Records to process>

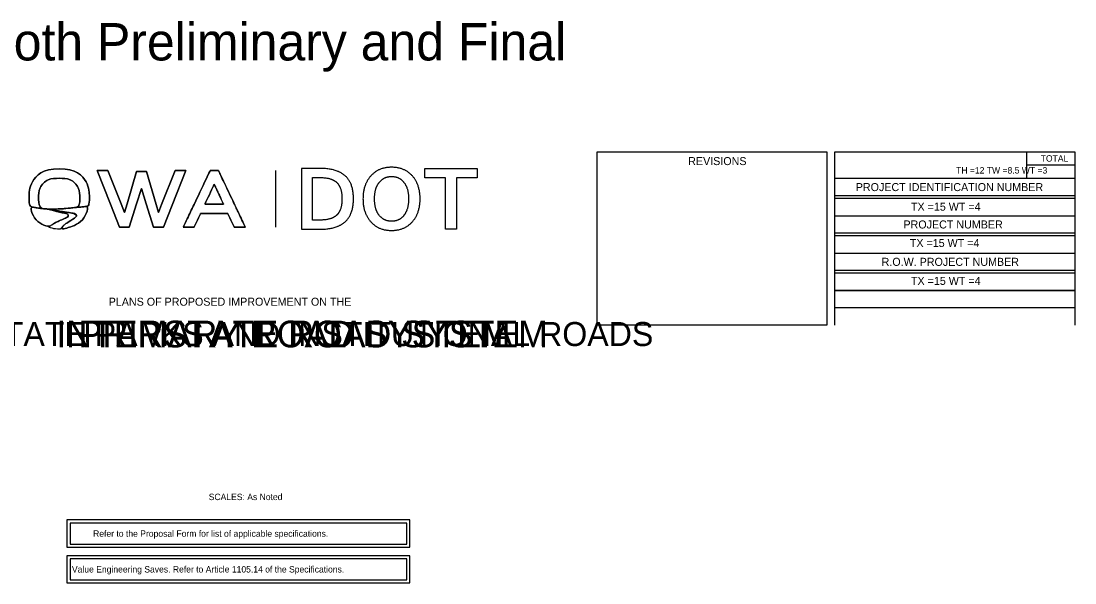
# Model space of a CAD drawing. Extents: x 10196 to 23010, y 6417 to 10189.
# Drawn here: x 11293 to 13268, y 9136 to 10189 of the extents above; entities that cross this region are included whole.
import ezdxf

# ---------------------------------------------------------------- set-up
doc = ezdxf.new("R2010")
doc.units = 0
for name, color, linetype in [('Cell', 7, 'Continuous'), ('Level 1', 7, 'Continuous'), ('Level 11', 7, 'Continuous'), ('Level 5', 7, 'Continuous'), ('Level 6', 7, 'Continuous'), ('Level 61', 7, 'Continuous'), ('Level 7', 7, 'Continuous')]:
    doc.layers.add(name, color=color, linetype=linetype)

msp = doc.modelspace()

# ---------------------------------------------------------------- linework, layer by layer
at = {"layer": 'Cell'}
for p, q in [((11987.1, 9914.9), (11987.1, 9914.9)), ((11460.2, 9846), (11435.4, 9908.6)), ((11435.4, 9908.6), (11436.5, 9908.6)), ((11436.5, 9908.6), (11454.8, 9908.6)), ((11454.8, 9908.6), (11455.3, 9908.6)), ((11455.3, 9908.6), (11480.2, 9846.6)), ((11491.4, 9846.7), (11509.1, 9907.1)), ((11509.1, 9907.1), (11509.6, 9907.1)), ((11509.6, 9907.1), (11527.2, 9907.1)), ((11527.2, 9907.1), (11527.8, 9907.1)), ((11527.8, 9907.1), (11545.8, 9845.5)), ((11556, 9845), (11581.6, 9908.6)), ((11601.4, 9908.6), (11575.7, 9843.8)), ((11581.6, 9908.6), (11582, 9908.6)), ((11582, 9908.6), (11600.3, 9908.6)), ((11600.3, 9908.6), (11601.4, 9908.6)), ((11769.7, 9908.8), (11769.7, 9802.8)), ((11987.1, 9897.7), (11987.1, 9897.7)), ((11518.4, 9875), (11509.4, 9846.6)), ((11527.5, 9846.2), (11518.4, 9875)), ((11477.4, 9802.7), (11460.2, 9846)), ((11480.2, 9846.6), (11486.6, 9830.5)), ((11486.6, 9830.5), (11491.4, 9846.7)), ((11509.4, 9846.6), (11495.5, 9802.7)), ((11541.2, 9802.7), (11527.5, 9846.2)), ((11545.8, 9845.5), (11550.2, 9830.5)), ((11550.2, 9830.5), (11556, 9845)), ((11556, 9845), (11556, 9845)), ((11575.7, 9843.8), (11559.4, 9802.7)), ((11575.7, 9843.8), (11575.7, 9843.8)), ((11477.8, 9802.7), (11477.4, 9802.7)), ((11494.9, 9802.7), (11477.8, 9802.7)), ((11495.5, 9802.7), (11494.9, 9802.7)), ((11541.7, 9802.7), (11541.2, 9802.7)), ((11559, 9802.7), (11541.7, 9802.7)), ((11559.4, 9802.7), (11559, 9802.7))]:
    msp.add_line(p, q, dxfattribs=at)
for points in [[(11601.4, 9908.6), (11600.3, 9908.6), (11582, 9908.6), (11581.6, 9908.6), (11556, 9845), (11556, 9845), (11550.2, 9830.5), (11545.8, 9845.5), (11527.8, 9907.1), (11527.2, 9907.1), (11509.6, 9907.1), (11509.1, 9907.1), (11491.4, 9846.7), (11486.6, 9830.5), (11480.2, 9846.6), (11455.3, 9908.6), (11454.8, 9908.6), (11436.5, 9908.6), (11435.4, 9908.6), (11460.2, 9846), (11477.4, 9802.7), (11477.8, 9802.7), (11494.9, 9802.7), (11495.5, 9802.7), (11509.4, 9846.6), (11518.4, 9875), (11527.5, 9846.2), (11541.2, 9802.7), (11541.7, 9802.7), (11559, 9802.7), (11559.4, 9802.7), (11575.7, 9843.8), (11575.7, 9843.8)], [(12049.1, 9912.9), (12147.3, 9912.9), (12147.3, 9895.3), (12108.6, 9895.3), (12108.6, 9798.7), (12087.8, 9798.7), (12087.8, 9895.3), (12049.1, 9895.3)]]:
    msp.add_lwpolyline(points, close=True, dxfattribs=at)
for points in [[(11851.4, 9912.9), (11818.1, 9912.9), (11818.1, 9798.7), (11851.4, 9798.7)], [(11853.6, 9816.1), (11838.9, 9816.1), (11838.9, 9895.6), (11853.6, 9895.6)]]:
    msp.add_lwpolyline(points, dxfattribs=at)
for points, degree in [([(11987.1, 9914.9), (11962.6, 9914.9), (11948.1, 9898.7)], 2), ([(12026, 9898.7), (12011.5, 9914.9), (11987.1, 9914.9)], 2), ([(11364.3, 9912.1), (11333.1, 9912.1), (11307.8, 9886.8), (11307.8, 9855.6), (11307.8, 9850.7), (11308.5, 9845.9), (11309.7, 9841.3), (11316.3, 9840), (11322.8, 9838.8), (11328.9, 9838), (11329.3, 9838), (11329.7, 9837.9), (11330.1, 9837.9), (11327.3, 9843.2), (11325.7, 9849.2), (11325.7, 9855.6), (11325.7, 9877), (11343, 9894.2), (11364.3, 9894.2), (11385.6, 9894.2), (11402.9, 9877), (11402.9, 9855.6), (11402.9, 9850.1), (11401.7, 9844.8), (11399.5, 9840), (11399.9, 9840), (11400.2, 9840), (11400.6, 9840.1), (11406.7, 9840.7), (11412.9, 9841.4), (11419.1, 9842.2), (11420.1, 9846.5), (11420.8, 9851), (11420.8, 9855.6), (11420.8, 9886.8), (11395.5, 9912.1), (11364.3, 9912.1)], 3), ([(11364.3, 9912.1), (11395.5, 9912.1), (11420.8, 9886.8), (11420.8, 9855.6), (11420.8, 9851), (11420.1, 9846.5), (11419.1, 9842.2), (11412.9, 9841.4), (11406.7, 9840.7), (11400.6, 9840.1), (11400.2, 9840), (11399.9, 9840), (11399.5, 9840), (11401.7, 9844.8), (11402.9, 9850.1), (11402.9, 9855.6), (11402.9, 9877), (11385.6, 9894.2), (11364.3, 9894.2), (11343, 9894.2), (11325.7, 9877), (11325.7, 9855.6), (11325.7, 9849.2), (11327.3, 9843.2), (11330.1, 9837.9), (11329.7, 9837.9), (11329.3, 9838), (11328.9, 9838), (11322.8, 9838.8), (11316.3, 9840), (11309.7, 9841.3), (11308.5, 9845.9), (11307.8, 9850.7), (11307.8, 9855.6), (11307.8, 9886.8), (11333.1, 9912.1), (11364.3, 9912.1)], 3), ([(11346.8, 9836.6), (11363.1, 9836.6), (11381.1, 9838), (11399.5, 9840), (11401.7, 9844.8), (11402.9, 9850.1), (11402.9, 9855.6), (11402.9, 9877), (11385.6, 9894.2), (11364.3, 9894.2), (11343, 9894.2), (11325.7, 9877), (11325.7, 9855.6), (11325.7, 9849.2), (11327.3, 9843.2), (11330.1, 9837.9), (11334.9, 9837.2), (11339.4, 9836.8), (11343.6, 9836.7), (11344.4, 9836.7), (11345.1, 9836.6), (11345.8, 9836.6), (11346.1, 9836.6), (11346.5, 9836.6), (11346.8, 9836.6)], 3), ([(11330.1, 9837.9), (11327.3, 9843.2), (11325.7, 9849.2), (11325.7, 9855.6), (11325.7, 9877), (11343, 9894.2), (11364.3, 9894.2), (11385.6, 9894.2), (11402.9, 9877), (11402.9, 9855.6), (11402.9, 9850.1), (11401.7, 9844.8), (11399.5, 9840)], 3), ([(11699.7, 9830.8), (11699.7, 9830.8), (11662.7, 9908.6), (11662.7, 9908.6), (11662.7, 9908.6), (11647.1, 9908.6), (11647.1, 9908.6), (11647.1, 9908.6), (11614.7, 9840.6), (11614.7, 9840.6), (11614.7, 9840.6), (11596.7, 9802.7), (11596.7, 9802.7), (11596.7, 9802.7), (11617.1, 9802.7), (11617.1, 9802.7), (11617.1, 9802.7), (11629.2, 9828.5), (11629.2, 9828.5), (11629.2, 9828.5), (11680.1, 9828.5), (11680.1, 9828.5), (11680.1, 9828.5), (11692.1, 9802.7), (11692.1, 9802.7), (11692.1, 9802.7), (11713.1, 9802.7), (11713.1, 9802.7), (11713.1, 9802.7), (11699.7, 9830.8), (11699.7, 9830.8)], 3), ([(11662.7, 9908.6), (11662.7, 9908.6), (11647.1, 9908.6), (11647.1, 9908.6), (11647.1, 9908.6), (11614.7, 9840.6), (11614.7, 9840.6), (11614.7, 9840.6), (11596.7, 9802.7), (11596.7, 9802.7), (11596.7, 9802.7), (11617.1, 9802.7), (11617.1, 9802.7), (11617.1, 9802.7), (11629.2, 9828.5), (11629.2, 9828.5), (11629.2, 9828.5), (11680.1, 9828.5), (11680.1, 9828.5), (11680.1, 9828.5), (11692.1, 9802.7), (11692.1, 9802.7), (11692.1, 9802.7), (11713.1, 9802.7), (11713.1, 9802.7), (11713.1, 9802.7), (11699.7, 9830.8), (11699.7, 9830.8)], 3), ([(11699.7, 9830.8), (11699.7, 9830.8), (11662.7, 9908.6), (11662.7, 9908.6)], 2), ([(11900, 9899), (11884.3, 9912.9), (11851.4, 9912.9)], 2), ([(11853.6, 9895.6), (11874.8, 9895.6), (11884.5, 9886.3)], 2), ([(11915.7, 9856), (11915.7, 9885), (11900, 9899)], 2), ([(11948.1, 9898.7), (11933.5, 9882.4), (11933.5, 9855.8)], 2), ([(11963.9, 9886.6), (11972.7, 9897.7), (11987.1, 9897.7)], 2), ([(11987.1, 9897.7), (12001.5, 9897.7), (12010.2, 9886.6)], 2), ([(12040.5, 9855.8), (12040.5, 9882.4), (12026, 9898.7)], 2), ([(11654.7, 9883), (11654.7, 9883), (11672, 9846), (11672, 9846), (11672, 9846), (11637.4, 9846), (11637.4, 9846), (11637.4, 9846), (11654.7, 9883), (11654.7, 9883)], 3), ([(11672, 9846), (11672, 9846), (11637.4, 9846), (11637.4, 9846), (11637.4, 9846), (11654.7, 9883), (11654.7, 9883)], 3), ([(11654.7, 9883), (11654.7, 9883), (11672, 9846), (11672, 9846)], 2), ([(11884.5, 9886.3), (11894.1, 9876.9), (11894.1, 9856)], 2), ([(11955.1, 9855.8), (11955.1, 9875.6), (11963.9, 9886.6)], 2), ([(12010.2, 9886.6), (12018.9, 9875.6), (12018.9, 9855.8)], 2), ([(11894.1, 9856), (11894.1, 9834.8), (11884.5, 9825.4)], 2), ([(11900, 9812.7), (11915.7, 9826.7), (11915.7, 9856)], 2), ([(11933.5, 9855.8), (11933.5, 9829), (11948.1, 9812.8)], 2), ([(11963.9, 9824.9), (11955.1, 9835.9), (11955.1, 9855.8)], 2), ([(12018.9, 9855.8), (12018.9, 9836), (12010.2, 9824.9)], 2), ([(12026, 9812.9), (12040.5, 9829.1), (12040.5, 9855.8)], 2), ([(11364.8, 9831), (11356.5, 9832.8), (11350.1, 9834.4), (11345.6, 9836), (11344.9, 9836.2), (11344.2, 9836.5), (11343.6, 9836.7), (11339.4, 9836.8), (11334.9, 9837.2), (11330.1, 9837.9), (11329.7, 9837.9), (11329.3, 9838), (11328.9, 9838), (11322.8, 9838.8), (11316.3, 9840), (11309.7, 9841.3), (11314.4, 9823.6), (11327.4, 9809.3), (11344.4, 9802.9), (11349.1, 9806.3), (11355.4, 9810.4), (11361.3, 9813.2), (11371.6, 9818.1), (11381.2, 9821.5), (11381.2, 9824.6), (11381.2, 9827.6), (11372.5, 9829.3), (11364.8, 9831)], 3), ([(11364.8, 9831), (11372.5, 9829.3), (11381.2, 9827.6), (11381.2, 9824.6), (11381.2, 9821.5), (11371.6, 9818.1), (11361.3, 9813.2), (11355.4, 9810.4), (11349.1, 9806.3), (11344.4, 9802.9), (11327.4, 9809.3), (11314.4, 9823.6), (11309.7, 9841.3), (11316.3, 9840), (11322.8, 9838.8), (11328.9, 9838), (11329.3, 9838), (11329.7, 9837.9), (11330.1, 9837.9), (11334.9, 9837.2), (11339.4, 9836.8), (11343.6, 9836.7), (11344.2, 9836.5), (11344.9, 9836.2), (11345.6, 9836), (11350.1, 9834.4), (11356.5, 9832.8), (11364.8, 9831)], 3), ([(11343.6, 9836.7), (11343.6, 9836.7), (11343.6, 9836.7), (11343.6, 9836.7), (11339.4, 9836.8), (11334.9, 9837.2), (11330.1, 9837.9)], 3), ([(11345.8, 9836.6), (11345.8, 9836.6), (11345.8, 9836.6), (11345.8, 9836.6), (11345.1, 9836.6), (11344.4, 9836.7), (11343.6, 9836.7)], 3), ([(11385.2, 9829.6), (11375.2, 9831.1), (11369, 9831.9), (11356.9, 9834.2), (11353.7, 9834.9), (11350.9, 9835.4), (11348.4, 9836), (11347.5, 9836.2), (11346.6, 9836.4), (11345.8, 9836.6), (11345.1, 9836.6), (11344.4, 9836.7), (11343.6, 9836.7), (11344.2, 9836.5), (11344.9, 9836.2), (11345.6, 9836), (11350.1, 9834.4), (11356.5, 9832.8), (11364.8, 9831), (11372.5, 9829.3), (11381.2, 9827.6), (11381.2, 9824.6), (11381.2, 9821.5), (11371.6, 9818.1), (11361.3, 9813.2), (11355.4, 9810.4), (11349.1, 9806.3), (11344.4, 9802.9), (11344.6, 9802.8), (11344.7, 9802.7), (11344.9, 9802.7), (11351, 9800.5), (11357.5, 9799.2), (11364.3, 9799.2), (11365.2, 9799.2), (11366.2, 9799.2), (11367.1, 9799.3), (11370.6, 9803.8), (11375.2, 9808.7), (11380.8, 9812.1), (11398.9, 9822.7), (11395.9, 9828), (11385.2, 9829.6)], 3), ([(11399.5, 9840), (11381.1, 9838), (11363.1, 9836.6), (11346.8, 9836.6), (11346.5, 9836.6), (11346.1, 9836.6), (11345.8, 9836.6)], 3), ([(11400.6, 9840.1), (11400.2, 9840), (11399.9, 9840), (11399.5, 9840), (11381.1, 9838), (11363.1, 9836.6), (11346.8, 9836.6), (11346.5, 9836.6), (11346.1, 9836.6), (11345.8, 9836.6), (11346.6, 9836.4), (11347.5, 9836.2), (11348.4, 9836), (11350.9, 9835.4), (11353.7, 9834.9), (11356.9, 9834.2), (11369, 9831.9), (11375.2, 9831.1), (11385.2, 9829.6), (11395.9, 9828), (11398.9, 9822.7), (11380.8, 9812.1), (11375.2, 9808.7), (11370.6, 9803.8), (11367.1, 9799.3), (11372.9, 9799.6), (11378.5, 9800.8), (11383.7, 9802.7), (11401.2, 9809.1), (11414.6, 9823.8), (11419.1, 9842.2), (11412.9, 9841.4), (11406.7, 9840.7), (11400.6, 9840.1)], 3), ([(11400.6, 9840.1), (11406.7, 9840.7), (11412.9, 9841.4), (11419.1, 9842.2), (11414.6, 9823.8), (11401.2, 9809.1), (11383.7, 9802.7), (11378.5, 9800.8), (11372.9, 9799.6), (11367.1, 9799.3), (11370.6, 9803.8), (11375.2, 9808.7), (11380.8, 9812.1), (11398.9, 9822.7), (11395.9, 9828), (11385.2, 9829.6), (11375.2, 9831.1), (11369, 9831.9), (11356.9, 9834.2), (11353.7, 9834.9), (11350.9, 9835.4), (11348.4, 9836), (11347.5, 9836.2), (11346.6, 9836.4), (11345.8, 9836.6), (11346.1, 9836.6), (11346.5, 9836.6), (11346.8, 9836.6), (11363.1, 9836.6), (11381.1, 9838), (11399.5, 9840), (11399.9, 9840), (11400.2, 9840), (11400.6, 9840.1)], 3), ([(11884.5, 9825.4), (11874.8, 9816.1), (11853.6, 9816.1)], 2), ([(11987.1, 9813.8), (11972.7, 9813.8), (11963.9, 9824.9)], 2), ([(12010.2, 9824.9), (12001.5, 9813.8), (11987.1, 9813.8)], 2), ([(11851.4, 9798.7), (11884.2, 9798.7), (11900, 9812.7)], 2), ([(11948.1, 9812.8), (11962.6, 9796.6), (11987.1, 9796.6)], 2), ([(11987.1, 9796.6), (12011.5, 9796.6), (12026, 9812.9)], 2)]:
    msp.add_open_spline(points, degree=degree, dxfattribs=at)
at = {"layer": 'Level 1'}
for p, q in [((12817.5, 9684), (12817.5, 9944)), ((12817.5, 9944), (13267.5, 9944)), ((12817.5, 9944), (13267.5, 9944)), ((13177.5, 9894), (13177.5, 9944)), ((13177.5, 9894), (13177.5, 9944)), ((13267.5, 9944), (13267.5, 9684)), ((13267.5, 9944), (13267.5, 9619)), ((13267.5, 9919), (13177.5, 9919)), ((13177.5, 9919), (13177.5, 9919)), ((13267.5, 9919), (13177.5, 9919)), ((13177.5, 9919), (13177.5, 9919)), ((12817.5, 9894), (12817.5, 9894)), ((12817.5, 9894), (12817.5, 9894)), ((12817.5, 9619), (12817.5, 9894)), ((13267.5, 9894), (12817.5, 9894)), ((13267.5, 9861.5), (12817.5, 9861.5)), ((13267.5, 9861.5), (12817.5, 9861.5)), ((13267.5, 9856.5), (12817.5, 9856.5)), ((13267.5, 9856.5), (12817.5, 9856.5)), ((12817.5, 9824), (13267.5, 9824)), ((12817.5, 9824), (13267.5, 9824)), ((13267.5, 9791.5), (12817.5, 9791.5)), ((13267.5, 9791.5), (12817.5, 9791.5)), ((13267.5, 9786.5), (12817.5, 9786.5)), ((13267.5, 9786.5), (12817.5, 9786.5)), ((12817.5, 9754), (13267.5, 9754)), ((12817.5, 9754), (13267.5, 9754)), ((13267.5, 9721.5), (12817.5, 9721.5)), ((13267.5, 9721.5), (12817.5, 9721.5)), ((13267.5, 9716.5), (12817.5, 9716.5)), ((13267.5, 9716.5), (12817.5, 9716.5)), ((12817.5, 9684), (13267.5, 9684)), ((13267.5, 9684), (12817.5, 9684)), ((13267.5, 9651.5), (12817.5, 9651.5))]:
    msp.add_line(p, q, dxfattribs=at)
msp.add_lwpolyline([(12372.5, 9619), (12372.5, 9944), (12802.5, 9944), (12802.5, 9619), (12372.5, 9619)], dxfattribs=at)
for points in [[(11378.7, 9203.4), (12021.3, 9203.4), (12021.3, 9254.3), (11378.7, 9254.3)], [(11384.5, 9209.2), (12015.5, 9209.2), (12015.5, 9248.4), (11384.5, 9248.4)]]:
    msp.add_lwpolyline(points, close=True, dxfattribs=at)
at = {"layer": 'Level 11'}
for points in [[(11378.7, 9136.4), (12021.3, 9136.4), (12021.3, 9187.4), (11378.7, 9187.4)], [(11384.5, 9142.3), (12015.5, 9142.3), (12015.5, 9181.5), (11384.5, 9181.5)]]:
    msp.add_lwpolyline(points, close=True, dxfattribs=at)

# ---------------------------------------------------------------- texts
at = {"layer": 'Level 1'}
for s, height, p in [('Title Sheet, both Preliminary and Final', 70, (10727.4, 10115)), ('REVISIONS', 15, (12542.9, 9919)), ('TOTAL', 12, (13203.4, 9925.5)), ('PROJECT IDENTIFICATION NUMBER', 15, (12856.9, 9870.3)), ('PROJECT NUMBER', 15, (12946.2, 9800.3)), ('R.O.W. PROJECT NUMBER', 15, (12905.3, 9730.3)), ('PLANS OF PROPOSED IMPROVEMENT ON THE', 15, (11457, 9655.6)), ('SCALES: As Noted', 12, (11644.4, 9291.5)), ('Refer to the Proposal Form for list of applicable specifications.', 12, (11427.8, 9222.8))]:
    msp.add_text(s, height=height, dxfattribs=at).set_placement(p)
at = {"layer": 'Level 11'}
msp.add_text('Value Engineering Saves. Refer to Article 1105.14 of the Specifications.', height=12, dxfattribs=at).set_placement((11388.1, 9155.9))
at = {"layer": 'Level 5'}
msp.add_text('PRIMARY ROAD SYSTEM', height=50, dxfattribs=at).set_placement((11400.5, 9577.6))
at = {"layer": 'Level 6'}
msp.add_text('INTERSTATE ROAD SYSTEM', height=50, dxfattribs=at).set_placement((11358.7, 9577.6))
at = {"layer": 'Level 61'}
for s, height, p in [('TH =12 TW =8.5 WT =3', 12, (13044.9, 9903.2)), ('TX =15 WT =4', 15, (12960.3, 9833.6)), ('TX =15 WT =4', 15, (12958.2, 9765.6)), ('TX =15 WT =4', 15, (12960.3, 9694.6))]:
    msp.add_text(s, height=height, dxfattribs=at).set_placement(p)
at = {"layer": 'Level 7'}
msp.add_text('STATE PARKS AND INSTITUTIONAL ROADS', height=45, dxfattribs=at).set_placement((11220.3, 9580.1))

doc.saveas('drawing.dxf')

Task prompt>
The expected answer is only a number: the count of lines in this listing that contain the string "Cell".

Exercise output>
2